Collected data entries
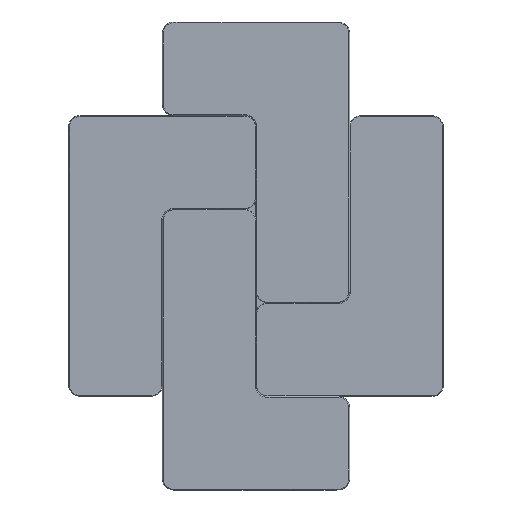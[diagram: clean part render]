
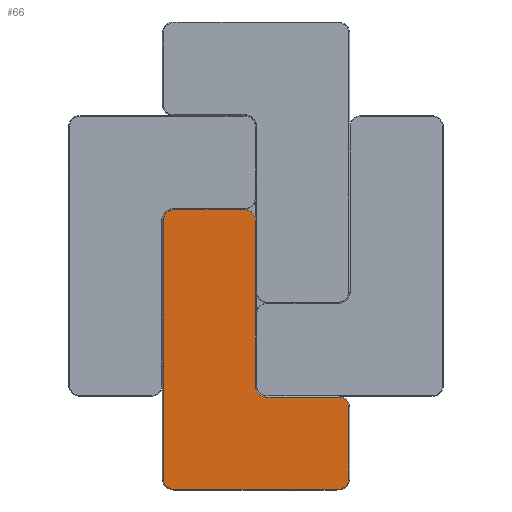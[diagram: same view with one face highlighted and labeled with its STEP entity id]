
A CAD part, top view. The second image highlights one B-rep face of the part: STEP entity #66.
In plain terms, the highlighted planar face has unit normal (0, 0, 1).
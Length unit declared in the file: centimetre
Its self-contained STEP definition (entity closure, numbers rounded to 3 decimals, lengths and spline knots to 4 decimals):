
#66=ADVANCED_FACE($,(#110),#437,.T.);
#110=FACE_OUTER_BOUND($,#154,.T.);
#154=EDGE_LOOP($,(#256,#257));
#256=ORIENTED_EDGE($,*,*,#353,.T.);
#257=ORIENTED_EDGE($,*,*,#359,.T.);
#353=EDGE_CURVE($,#408,#411,#480,.T.);
#359=EDGE_CURVE($,#411,#408,#485,.T.);
#408=VERTEX_POINT($,#1606);
#411=VERTEX_POINT($,#1609);
#437=PLANE($,#631);
#480=B_SPLINE_CURVE_WITH_KNOTS($,3,(#1382,#1383,#1384,#1385,#1386,#1387,
#1388,#1389,#1390,#1391,#1392,#1393,#1394,#1395,#1396,#1397,#1398,#1399,
#1400,#1401,#1402,#1403,#1404,#1405,#1406),.UNSPECIFIED.,.F.,.F.,(4,3,1,
3,3,1,3,3,1,3,4),(0.,23.4,24.5392,25.7561,
35.8561,36.9954,38.2122,48.3122,49.6034,
50.9825,74.3825),.UNSPECIFIED.);
#485=B_SPLINE_CURVE_WITH_KNOTS($,3,(#1443,#1444,#1445,#1446,#1447,#1448,
#1449,#1450,#1451,#1452,#1453,#1454,#1455,#1456,#1457,#1458,#1459,#1460,
#1461),.UNSPECIFIED.,.F.,.F.,(4,1,3,3,1,3,3,1,4),(74.3825,75.5217,
76.7386,86.8386,87.9779,89.1947,125.8947,
127.034,128.2509),.UNSPECIFIED.);
#631=AXIS2_PLACEMENT_3D($,#1485,#652,$);
#652=DIRECTION($,(0.,0.,1.));
#1382=CARTESIAN_POINT($,(14.9,0.1,0.1));
#1383=CARTESIAN_POINT($,(22.7,0.1,0.1));
#1384=CARTESIAN_POINT($,(30.5,0.1,0.1));
#1385=CARTESIAN_POINT($,(38.3,0.1,0.1));
#1386=CARTESIAN_POINT($,(38.6799,0.0977,0.1));
#1387=CARTESIAN_POINT($,(39.4621,0.4142,0.1));
#1388=CARTESIAN_POINT($,(39.8031,1.1936,0.1));
#1389=CARTESIAN_POINT($,(39.8,1.6,0.1));
#1390=CARTESIAN_POINT($,(39.8,4.9667,0.1));
#1391=CARTESIAN_POINT($,(39.8,8.3334,0.1));
#1392=CARTESIAN_POINT($,(39.8,11.7,0.1));
#1393=CARTESIAN_POINT($,(39.8023,12.08,0.1));
#1394=CARTESIAN_POINT($,(39.4859,12.8621,0.1));
#1395=CARTESIAN_POINT($,(38.7064,13.2031,0.1));
#1396=CARTESIAN_POINT($,(38.3,13.2,0.1));
#1397=CARTESIAN_POINT($,(34.9333,13.2,0.1));
#1398=CARTESIAN_POINT($,(31.5667,13.2,0.1));
#1399=CARTESIAN_POINT($,(28.2,13.2,0.1));
#1400=CARTESIAN_POINT($,(27.7694,13.1974,0.1));
#1401=CARTESIAN_POINT($,(26.883,13.556,0.1));
#1402=CARTESIAN_POINT($,(26.4965,14.4394,0.1));
#1403=CARTESIAN_POINT($,(26.5,14.9,0.1));
#1404=CARTESIAN_POINT($,(26.5,22.7,0.1));
#1405=CARTESIAN_POINT($,(26.5,30.5,0.1));
#1406=CARTESIAN_POINT($,(26.5,38.3,0.1));
#1443=CARTESIAN_POINT($,(26.5,38.3,0.1));
#1444=CARTESIAN_POINT($,(26.5023,38.68,0.1));
#1445=CARTESIAN_POINT($,(26.1859,39.4621,0.1));
#1446=CARTESIAN_POINT($,(25.4064,39.8031,0.1));
#1447=CARTESIAN_POINT($,(25.,39.8,0.1));
#1448=CARTESIAN_POINT($,(21.6333,39.8,0.1));
#1449=CARTESIAN_POINT($,(18.2667,39.8,0.1));
#1450=CARTESIAN_POINT($,(14.9,39.8,0.1));
#1451=CARTESIAN_POINT($,(14.5201,39.8023,0.1));
#1452=CARTESIAN_POINT($,(13.7379,39.4859,0.1));
#1453=CARTESIAN_POINT($,(13.3969,38.7064,0.1));
#1454=CARTESIAN_POINT($,(13.4,38.3,0.1));
#1455=CARTESIAN_POINT($,(13.4,26.0667,0.1));
#1456=CARTESIAN_POINT($,(13.4,13.8334,0.1));
#1457=CARTESIAN_POINT($,(13.4,1.6,0.1));
#1458=CARTESIAN_POINT($,(13.3977,1.2201,0.1));
#1459=CARTESIAN_POINT($,(13.7141,0.4379,0.1));
#1460=CARTESIAN_POINT($,(14.4936,0.0969,0.1));
#1461=CARTESIAN_POINT($,(14.9,0.1,0.1));
#1485=CARTESIAN_POINT($,(13.3,39.9,0.1));
#1606=CARTESIAN_POINT($,(14.9,0.1,0.1));
#1609=CARTESIAN_POINT($,(26.5,38.3,0.1));

→ WORK ITEM:
Going back to the entries above, set down exactly the lines that begin at the one with "#1401=CARTESIAN_POINT($,(26.883,13.556,0.1));" and end at the one with "#1456=CARTESIAN_POINT($,(13.4,13.8334,0.1));", both included, and nothing else.

→ TASK RESULT:
#1401=CARTESIAN_POINT($,(26.883,13.556,0.1));
#1402=CARTESIAN_POINT($,(26.4965,14.4394,0.1));
#1403=CARTESIAN_POINT($,(26.5,14.9,0.1));
#1404=CARTESIAN_POINT($,(26.5,22.7,0.1));
#1405=CARTESIAN_POINT($,(26.5,30.5,0.1));
#1406=CARTESIAN_POINT($,(26.5,38.3,0.1));
#1443=CARTESIAN_POINT($,(26.5,38.3,0.1));
#1444=CARTESIAN_POINT($,(26.5023,38.68,0.1));
#1445=CARTESIAN_POINT($,(26.1859,39.4621,0.1));
#1446=CARTESIAN_POINT($,(25.4064,39.8031,0.1));
#1447=CARTESIAN_POINT($,(25.,39.8,0.1));
#1448=CARTESIAN_POINT($,(21.6333,39.8,0.1));
#1449=CARTESIAN_POINT($,(18.2667,39.8,0.1));
#1450=CARTESIAN_POINT($,(14.9,39.8,0.1));
#1451=CARTESIAN_POINT($,(14.5201,39.8023,0.1));
#1452=CARTESIAN_POINT($,(13.7379,39.4859,0.1));
#1453=CARTESIAN_POINT($,(13.3969,38.7064,0.1));
#1454=CARTESIAN_POINT($,(13.4,38.3,0.1));
#1455=CARTESIAN_POINT($,(13.4,26.0667,0.1));
#1456=CARTESIAN_POINT($,(13.4,13.8334,0.1));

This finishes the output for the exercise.